How does the Doc order the rate in IVF administration?

Nurses Medications

Published

i.e. he orders 125ml/hr NSS

Where does he come up with the 125? Can't see to hunt down an answer on this. Is it to simplistic to assume its simply based on hydration status? For example a dehydrated pt recieves a higher rate of admiinistration whereas a edematous pt would receive a lower rate? But I thought that was the reason for the hypotensive vs hypertensive fluids. What gives?

For some reason I would think that # must be calculated somehow but I just seem to find a calculation anywehere.

edit: Should note I'm thinking in terms of maintenance i.e. not a pt in the ED who is hypotensive or some such instance.

Specializes in Med-Surg/Tele, ER.

I was wondering this the other day myself.

Aside from hydration status, and BP, there is also the concern for ensuring a CHFer doesn't go into overload...

I'd love to know where they come up with these numbers though.

Specializes in ICU/CCU/MICU/SICU/CTICU.

Some docs look at lab values to determine the rate. For example......if a pt had a BNP or >1100..... they may order a rate of 20-30cc/hr....if any...... they may also look at the patient's BUN and creatnine.......their electrolytes etc. Our dieticians sometimes "recommend" a certain amt of fluid bolus based on the caloric intake etc.

island40

328 Posts

Specializes in ICU, School Nurse, Med/Surg, Psych.

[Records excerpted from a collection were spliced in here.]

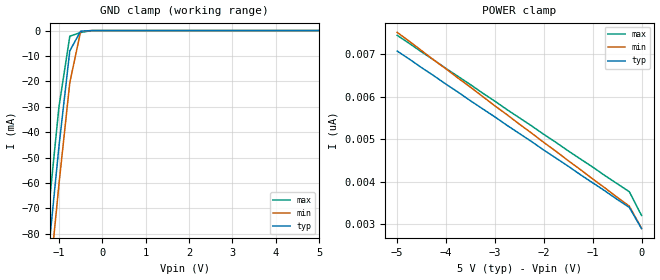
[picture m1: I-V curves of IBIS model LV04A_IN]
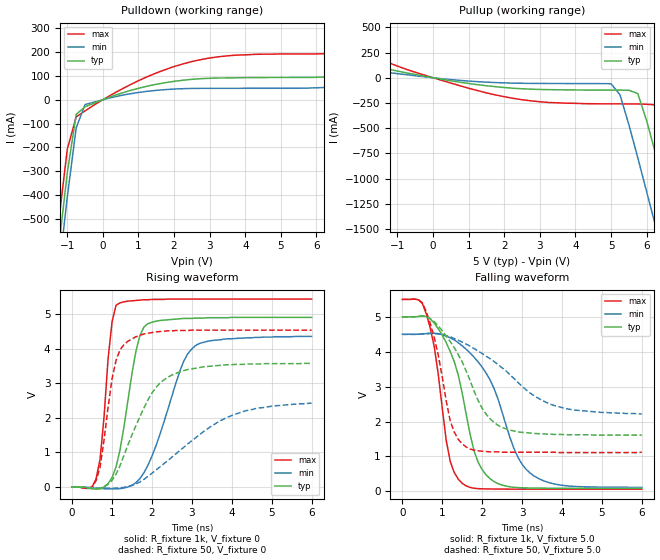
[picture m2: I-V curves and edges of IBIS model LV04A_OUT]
| Copyright 2000, Texas Instruments Inc., All Rights Reserved.
|<HTML><HEAD><TITLE>TI SN74LV04A IBIS Model</TITLE></HEAD><BODY><H1>
| Texas Instruments Incorporated</H1><B>
| Standard Linear and Logic Group<BR>
| IBIS Model of SN74LV04A<BR>
| HEX INVERTER<BR>
| SOIC 14-pin (D) Package<BR></B><HR><PRE>
[IBIS Ver]   2.1
[Comment Char]  <_char
[File Name]   lv04html.ibs
[File Rev]   2.0
[Date]   February 29, 2000
[Source]   Data created from HSPICE simulations at TI-SLL.
[Notes]   For questions and comments concerning SLL IBIS models, please
   email: <a href="mailto:sllibis@ti.com">sllibis@ti.com</a>
<HR>
[Disclaimer] </PRE><BLOCKQUOTE>
<P>Property of Texas Instruments Incorporated.  Unauthorized reproduction
 and/or distribution is strictly prohibited.</P>
<P>This product is protected under copyright law. Created 2000, &copy;
 Copyright 2000, Texas Instruments Inc., All Rights Reserved.</P>
<P><B>UNLESS THERE IS A SIGNED, WRITTEN AGREEMENT TO THE CONTRARY,
TEXAS INSTRUMENTS (TI) IS PROVIDING THE IBIS MODELS  AND WITHOUT ANY
WARRANTY, EXPRESSED OR IMPLIED.</B></P>
<P>TI assumes no liability for:</P><OL>
<LI>the accuracy of the IBIS models provided to your company;</LI>
<LI>the proper functioning of these IBIS Models in your design or for
any resulting applications; or</LI>
<LI>infringement of patents, copyrights or intellectual property rights
 resulting from your use of these IBIS models.</LI></OL>
<P>TI provides IBIS Models as a service to our customers. You and your
 company shall not distribute, sell or give these models to anyone else
 without prior written permission from TI.</P>
<P>TI reserves the right to make changes to our products or to discontinue
 any semiconductor product or service without notice, and advises our
 customers to obtain the latest version of relevant information to verify,
 before placing orders, that the information being relied on is current.</P>
<P>Please be aware that your receipt and use of the IBIS information
 provided shall serve as acceptance of these terms and conditions. If you
 do not accept these terms, you should return or destroy the IBIS models
 and any other accompanying information immediately.<P></BLOCKQUOTE>
</PRE><HR><H3><CENTER>LV04A Component</CENTER></H3><PRE>
[Component]   LV04A
[Manufacturer]   Texas Instruments, Inc.
[Package]
<BR>   typ   min   max
R_pkg   0.031   0.028   0.034
L_pkg   3.109nH   2.462nH   3.889nH
C_pkg   0.473pF   0.363pF   0.628pF
<BR>
<IMG SRC="pinout.gif">
[Pin]   signal_name   model_name   R_pin   L_pin   C_pin
<BR>
1   1A   LV04A_IN   0.033   3.854nH   0.622pF
2   1Y   LV04A_OUT   0.032   3.188nH   0.473pF
3   2A   LV04A_IN   0.028   2.462nH   0.377pF
4   2Y   LV04A_OUT   0.031   2.596nH   0.363pF
5   3A   LV04A_IN   0.028   2.521nH   0.372pF
6   3Y   LV04A_OUT   0.034   3.250nH   0.476pF
7   GND   GND   0.034   3.889nH   0.628pF
8   4Y   LV04A_OUT   0.034   3.889nH   0.628pF
9   4A   LV04A_IN   0.034   3.250nH   0.476pF
10   5Y   LV04A_OUT   0.028   2.521nH   0.372pF
11   5A   LV04A_IN   0.031   2.596nH   0.364pF
12   6Y   LV04A_OUT   0.028   2.462nH   0.377pF
13   6A   LV04A_IN   0.032   3.188nH   0.473pF
14   VCC   POWER   0.033   3.854nH   0.622pF
< Models and submodels in the file (2): LV04A_IN (Input), LV04A_OUT (Output)
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<table border><tr><td colspan="2"><b><center>Function Table</center></b></tr>
<tr><td><b>Input A</b></td><td><b>Output Y</b></td></tr>
<tr><td>H</td><td>L</td></tr>
<tr><td>L</td><td>H</td></tr></table>
<IMG SRC="logic.gif">
</PRE><HR><H3><CENTER>LV04A_IN Model</CENTER></H3><PRE>
[Model]   LV04A_IN
Model_type  Input
Polarity   Non-Inverting
Vinl = 1.5
Vinh = 3.5
<BR>
<BR>variable   typ   min   max
C_comp   1.23pf   0.93pf   1.53pf
<BR>
[Temperature Range]   25   85   -40
[Voltage range]   5.0   4.5   5.5
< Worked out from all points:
<   GND clamp passes 1 mA (typ) near -0.52 V on its own axis
<BR>
[GND Clamp]
<BR>
<BR>   Voltage   I(typ)   I(min)   I(max)
<BR>
-5V       -773mA     -786mA     -758mA
-1.5V     -133mA     -148mA     -117mA
-1.25V    -88.7mA    -104mA     -72.7mA
-1V       -45.6mA    -60.5mA    -30mA
-750mV    -7.99mA    -20.5mA    -2.23mA
-500mV    -233uA     -353uA     -759uA
-250mV    -2.63nA    -182nA     -26.9uA
5V        2.9nA      3.64nA     2.54nA
<BR>
[POWER Clamp]
<BR>
<BR>   Voltage   I(typ)   I(min)   I(max)
<BR>
-5V       7.08nA     7.52nA     7.45nA
-1.5V     4.37nA     4.5nA      4.73nA
-250mV    3.4nA      3.43nA     3.77nA
0V        2.9nA      2.91nA     3.21nA
</PRE><HR><H3><CENTER>LV04A_OUT Model</CENTER></H3><PRE>
[Model]   LV04A_OUT
Model_type  Output
Polarity   Inverting
Vmeas = 2.50v
Cref = 15pf
<IMG SRC="pmi.gif">
<BR>variable   typ   min   max
C_comp   4.62pf   3.47pf   5.77pf
<BR>
[Temperature Range]   25   85   -40
[Voltage range]   5.0   4.5   5.5
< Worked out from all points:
<   slope of the pulldown table from 0 to 0.75 V, typ, clamps not added: 19.8 ohm
<   slope of the pullup table from 0 to 0.75 V, typ, clamps not added: 17.2 ohm
<   rising waveform, R_fixture 1k, V_fixture 0: 20-80 % time 416ps typ, 751ps min, 237ps max; typ from 0 V to 4.91 V
<   rising waveform, R_fixture 50, V_fixture 0: 20-80 % time 858ps typ, 1.66ns min, 352ps max; typ from 0 V to 3.58 V
<   falling waveform, R_fixture 1k, V_fixture 5.0: 20-80 % time 629ps typ, 934ps min, 401ps max; typ from 5 V to 0.085 V
<   falling waveform, R_fixture 50, V_fixture 5.0: 20-80 % time 874ps typ, 1.53ns min, 461ps max; typ from 5 V to 1.61 V
<BR>
[Pulldown]
<BR>
<BR>   Voltage   I(typ)   I(min)   I(max)
<BR>
-5V       -5.86A     -5.96A     -5.76A
-1.5V     -969mA     -1.07A     -859mA
-1.25V    -631mA     -736mA     -522mA
-1V       -307mA     -409mA     -208mA
-750mV    -61.5mA    -118mA     -72.1mA
-500mV    -29.4mA    -20.1mA    -46.7mA
1V        48mA       30.4mA     79.8mA
2.5V      85.4mA     47.3mA     160mA
3.75V     91.9mA     47.8mA     187mA
6V        94mA       49.9mA     192mA
7V        104mA      57.2mA     202mA
10V       164mA      87.8mA     302mA
<BR>
[Pullup]
<BR>
<BR>   Voltage   I(typ)   I(min)   I(max)
<BR>
-5V       228mA      118mA      489mA
-3.25V    214mA      116mA      410mA
-500mV    32.9mA     20.4mA     54.7mA
1.75V     -88.5mA    -47.6mA    -170mA
5V        -123mA     -59mA      -259mA
5.25V     -123mA     -168mA     -259mA
5.75V     -156mA     -792mA     -260mA
6.25V     -752mA     -1.47A     -269mA
6.5V      -1.09A     -1.82A     -452mA
6.75V     -1.43A     -2.16A     -777mA
7.25V     -2.13A     -2.86A     -1.46A
10V       -5.98A     -6.72A     -5.32A
<BR>
[Ramp]
<BR>
<BR>variable   typ   min   max
dV/dt_r   2.97E+00/4.90E-10   2.64E+00/8.10E-10   3.28E+00/2.46E-10
dV/dt_f   2.97E+00/7.19E-10   2.65E+00/1.01E-09   3.28E+00/4.80E-10
R_load = 1k
<BR>
[Rising Waveform]
R_fixture = 1k
V_fixture = 0
<BR>
<BR>   Time   V(typ)   V(min)   V(max)
<BR>
0s        0V         0V         0V
600ps     -62.9mV    -38.3mV    233mV
700ps     -50.3mV    -44.7mV    800mV
1ns       273mV      -56.3mV    4.78V
1.1ns     579mV      -55mV      5.26V
1.6ns     3.94V      127mV      5.4V
1.9ns     4.73V      632mV      5.42V
2.8ns     4.88V      3.65V      5.44V
3.1ns     4.89V      4.1V       5.44V
6ns       4.91V      4.36V      5.44V
<BR>
[Rising Waveform]
R_fixture = 50
V_fixture = 0
<BR>
<BR>   Time   V(typ)   V(min)   V(max)
<BR>
0s        0V         0V         0V
600ps     -46.8mV    -27.9mV    184mV
700ps     -33.2mV    -30.8mV    571mV
1ns       194mV      -34.9mV    3.13V
1.1ns     369mV      -31.9mV    3.66V
1.4ns     1.22V      11.6mV     4.22V
2ns       2.72V      399mV      4.47V
2.5ns     3.24V      863mV      4.52V
4ns       3.54V      2.07V      4.54V
6ns       3.58V      2.43V      4.54V
<BR>
[Falling Waveform]
R_fixture = 1k
V_fixture = 5.0
V_fixture_min = 4.5
V_fixture_max = 5.5
<BR>
<BR>   Time   V(typ)   V(min)   V(max)
<BR>
0s        5V         4.5V       5.5V
600ps     5.01V      4.52V      5.09V
800ps     4.82V      4.53V      4.15V
1.2ns     4.01V      4.4V       858mV
1.5ns     2.82V      4.17V      229mV
1.8ns     1.15V      3.84V      86.6mV
2ns       622mV      3.56V      70.7mV
2.8ns     115mV      1.22V      61.9mV
3.2ns     94.7mV     525mV      61.3mV
6ns       84.9mV     113mV      61.5mV
<BR>
[Falling Waveform]
R_fixture = 50
V_fixture = 5.0
V_fixture_min = 4.5
V_fixture_max = 5.5
<BR>
<BR>   Time   V(typ)   V(min)   V(max)
<BR>
0s        5V         4.5V       5.5V
400ps     5.01V      4.5V       5.49V
600ps     5.01V      4.52V      5.15V
900ps     4.74V      4.51V      3.91V
1.2ns     4.29V      4.43V      2.02V
1.6ns     3.45V      4.22V      1.27V
2ns       2.38V      3.95V      1.15V
2.5ns     1.83V      3.54V      1.12V
3.8ns     1.63V      2.46V      1.12V
6ns       1.61V      2.22V      1.12V

The average person needs a minimum of 2500mL of fluid every day: daily losses from urination, respiration, digestion... For optimum hydration 3000mL is best. Divide that out and 125mL an hour every 24 hours gives the person optimum hydration.

tiij

26 Posts

Specializes in Paediatrics - Neuroscience/Cardiac.

In paediatrics. you would go by this rule

the "4,2,1" rule

4ml/hr * the first 10kg

2ml/hr * the second 10kg

and 1ml/hr for every subsequent kg.

So a 40 kg child most likely will get 80ml/hr full maintenance.

But i think island40 hit the nail on the head for your scenario. I just thought id put it out there..

Altra, BSN, RN

6,255 Posts

Specializes in Emergency & Trauma/Adult ICU.
Is it to simplistic to assume its simply based on hydration status? For example a dehydrated pt recieves a higher rate of admiinistration whereas a edematous pt would receive a lower rate? But I thought that was the reason for the hypotensive vs hypertensive fluids.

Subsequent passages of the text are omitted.